▶ **Data for processing**

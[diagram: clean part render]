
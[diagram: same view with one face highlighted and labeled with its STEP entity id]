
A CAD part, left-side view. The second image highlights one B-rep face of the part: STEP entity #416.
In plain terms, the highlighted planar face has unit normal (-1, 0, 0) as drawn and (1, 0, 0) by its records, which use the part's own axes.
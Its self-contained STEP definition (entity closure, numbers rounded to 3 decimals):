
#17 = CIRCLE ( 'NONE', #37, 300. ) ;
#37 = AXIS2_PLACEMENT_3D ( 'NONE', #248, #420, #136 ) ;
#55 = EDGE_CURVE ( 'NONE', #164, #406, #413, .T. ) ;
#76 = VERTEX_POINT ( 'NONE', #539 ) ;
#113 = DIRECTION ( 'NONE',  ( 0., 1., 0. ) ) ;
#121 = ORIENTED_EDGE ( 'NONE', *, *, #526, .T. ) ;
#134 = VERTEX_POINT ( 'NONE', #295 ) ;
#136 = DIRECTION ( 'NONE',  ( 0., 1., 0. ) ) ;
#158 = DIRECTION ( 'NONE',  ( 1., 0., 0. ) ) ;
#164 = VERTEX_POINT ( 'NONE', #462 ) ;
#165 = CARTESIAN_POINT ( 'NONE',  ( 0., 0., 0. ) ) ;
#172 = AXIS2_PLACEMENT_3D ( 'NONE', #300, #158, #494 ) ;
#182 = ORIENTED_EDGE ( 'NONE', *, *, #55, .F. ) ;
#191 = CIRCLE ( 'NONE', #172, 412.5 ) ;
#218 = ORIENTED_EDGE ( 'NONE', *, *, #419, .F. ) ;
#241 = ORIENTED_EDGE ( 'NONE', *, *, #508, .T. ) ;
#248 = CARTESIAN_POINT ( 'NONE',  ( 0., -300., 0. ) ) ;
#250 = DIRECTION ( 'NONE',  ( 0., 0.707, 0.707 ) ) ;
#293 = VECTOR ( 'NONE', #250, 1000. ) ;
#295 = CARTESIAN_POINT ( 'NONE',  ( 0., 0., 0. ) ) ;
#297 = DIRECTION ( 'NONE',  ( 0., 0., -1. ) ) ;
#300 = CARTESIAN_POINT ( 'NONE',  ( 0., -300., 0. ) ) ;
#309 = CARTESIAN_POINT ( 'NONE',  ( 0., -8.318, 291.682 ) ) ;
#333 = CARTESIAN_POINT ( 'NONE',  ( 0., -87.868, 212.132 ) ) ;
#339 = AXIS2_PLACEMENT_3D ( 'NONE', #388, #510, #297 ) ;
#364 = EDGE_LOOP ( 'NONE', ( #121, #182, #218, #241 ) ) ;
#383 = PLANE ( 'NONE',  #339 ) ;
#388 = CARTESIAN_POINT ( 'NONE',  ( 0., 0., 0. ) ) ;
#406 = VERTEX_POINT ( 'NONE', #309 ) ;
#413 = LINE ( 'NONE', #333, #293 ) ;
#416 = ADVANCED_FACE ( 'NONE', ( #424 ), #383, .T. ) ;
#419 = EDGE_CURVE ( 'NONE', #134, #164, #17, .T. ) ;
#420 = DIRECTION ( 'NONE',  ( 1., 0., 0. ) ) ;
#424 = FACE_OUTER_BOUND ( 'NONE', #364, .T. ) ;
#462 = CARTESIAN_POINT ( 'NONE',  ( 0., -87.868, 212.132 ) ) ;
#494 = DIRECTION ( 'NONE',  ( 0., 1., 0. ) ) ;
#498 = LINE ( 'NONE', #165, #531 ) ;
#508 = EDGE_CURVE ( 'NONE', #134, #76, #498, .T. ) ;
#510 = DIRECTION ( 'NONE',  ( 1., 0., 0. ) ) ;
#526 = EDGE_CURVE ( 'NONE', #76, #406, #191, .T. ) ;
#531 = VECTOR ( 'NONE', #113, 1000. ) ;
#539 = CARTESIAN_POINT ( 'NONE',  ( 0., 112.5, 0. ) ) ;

▶ **Your goal**
Your task is to give the records above again, exactly.

▶ **Answer space**
[diagram: clean part render]
[diagram: same view with one face highlighted and labeled with its STEP entity id]
A CAD part, left-side view. The second image highlights one B-rep face of the part: STEP entity #416.
In plain terms, the highlighted planar face has unit normal (-1, 0, 0) as drawn and (1, 0, 0) by its records, which use the part's own axes.
Its self-contained STEP definition (entity closure, numbers rounded to 3 decimals):
#17 = CIRCLE ( 'NONE', #37, 300. ) ;
#37 = AXIS2_PLACEMENT_3D ( 'NONE', #248, #420, #136 ) ;
#55 = EDGE_CURVE ( 'NONE', #164, #406, #413, .T. ) ;
#76 = VERTEX_POINT ( 'NONE', #539 ) ;
#113 = DIRECTION ( 'NONE',  ( 0., 1., 0. ) ) ;
#121 = ORIENTED_EDGE ( 'NONE', *, *, #526, .T. ) ;
#134 = VERTEX_POINT ( 'NONE', #295 ) ;
#136 = DIRECTION ( 'NONE',  ( 0., 1., 0. ) ) ;
#158 = DIRECTION ( 'NONE',  ( 1., 0., 0. ) ) ;
#164 = VERTEX_POINT ( 'NONE', #462 ) ;
#165 = CARTESIAN_POINT ( 'NONE',  ( 0., 0., 0. ) ) ;
#172 = AXIS2_PLACEMENT_3D ( 'NONE', #300, #158, #494 ) ;
#182 = ORIENTED_EDGE ( 'NONE', *, *, #55, .F. ) ;
#191 = CIRCLE ( 'NONE', #172, 412.5 ) ;
#218 = ORIENTED_EDGE ( 'NONE', *, *, #419, .F. ) ;
#241 = ORIENTED_EDGE ( 'NONE', *, *, #508, .T. ) ;
#248 = CARTESIAN_POINT ( 'NONE',  ( 0., -300., 0. ) ) ;
#250 = DIRECTION ( 'NONE',  ( 0., 0.707, 0.707 ) ) ;
#293 = VECTOR ( 'NONE', #250, 1000. ) ;
#295 = CARTESIAN_POINT ( 'NONE',  ( 0., 0., 0. ) ) ;
#297 = DIRECTION ( 'NONE',  ( 0., 0., -1. ) ) ;
#300 = CARTESIAN_POINT ( 'NONE',  ( 0., -300., 0. ) ) ;
#309 = CARTESIAN_POINT ( 'NONE',  ( 0., -8.318, 291.682 ) ) ;
#333 = CARTESIAN_POINT ( 'NONE',  ( 0., -87.868, 212.132 ) ) ;
#339 = AXIS2_PLACEMENT_3D ( 'NONE', #388, #510, #297 ) ;
#364 = EDGE_LOOP ( 'NONE', ( #121, #182, #218, #241 ) ) ;
#383 = PLANE ( 'NONE',  #339 ) ;
#388 = CARTESIAN_POINT ( 'NONE',  ( 0., 0., 0. ) ) ;
#406 = VERTEX_POINT ( 'NONE', #309 ) ;
#413 = LINE ( 'NONE', #333, #293 ) ;
#416 = ADVANCED_FACE ( 'NONE', ( #424 ), #383, .T. ) ;
#419 = EDGE_CURVE ( 'NONE', #134, #164, #17, .T. ) ;
#420 = DIRECTION ( 'NONE',  ( 1., 0., 0. ) ) ;
#424 = FACE_OUTER_BOUND ( 'NONE', #364, .T. ) ;
#462 = CARTESIAN_POINT ( 'NONE',  ( 0., -87.868, 212.132 ) ) ;
#494 = DIRECTION ( 'NONE',  ( 0., 1., 0. ) ) ;
#498 = LINE ( 'NONE', #165, #531 ) ;
#508 = EDGE_CURVE ( 'NONE', #134, #76, #498, .T. ) ;
#510 = DIRECTION ( 'NONE',  ( 1., 0., 0. ) ) ;
#526 = EDGE_CURVE ( 'NONE', #76, #406, #191, .T. ) ;
#531 = VECTOR ( 'NONE', #113, 1000. ) ;
#539 = CARTESIAN_POINT ( 'NONE',  ( 0., 112.5, 0. ) ) ;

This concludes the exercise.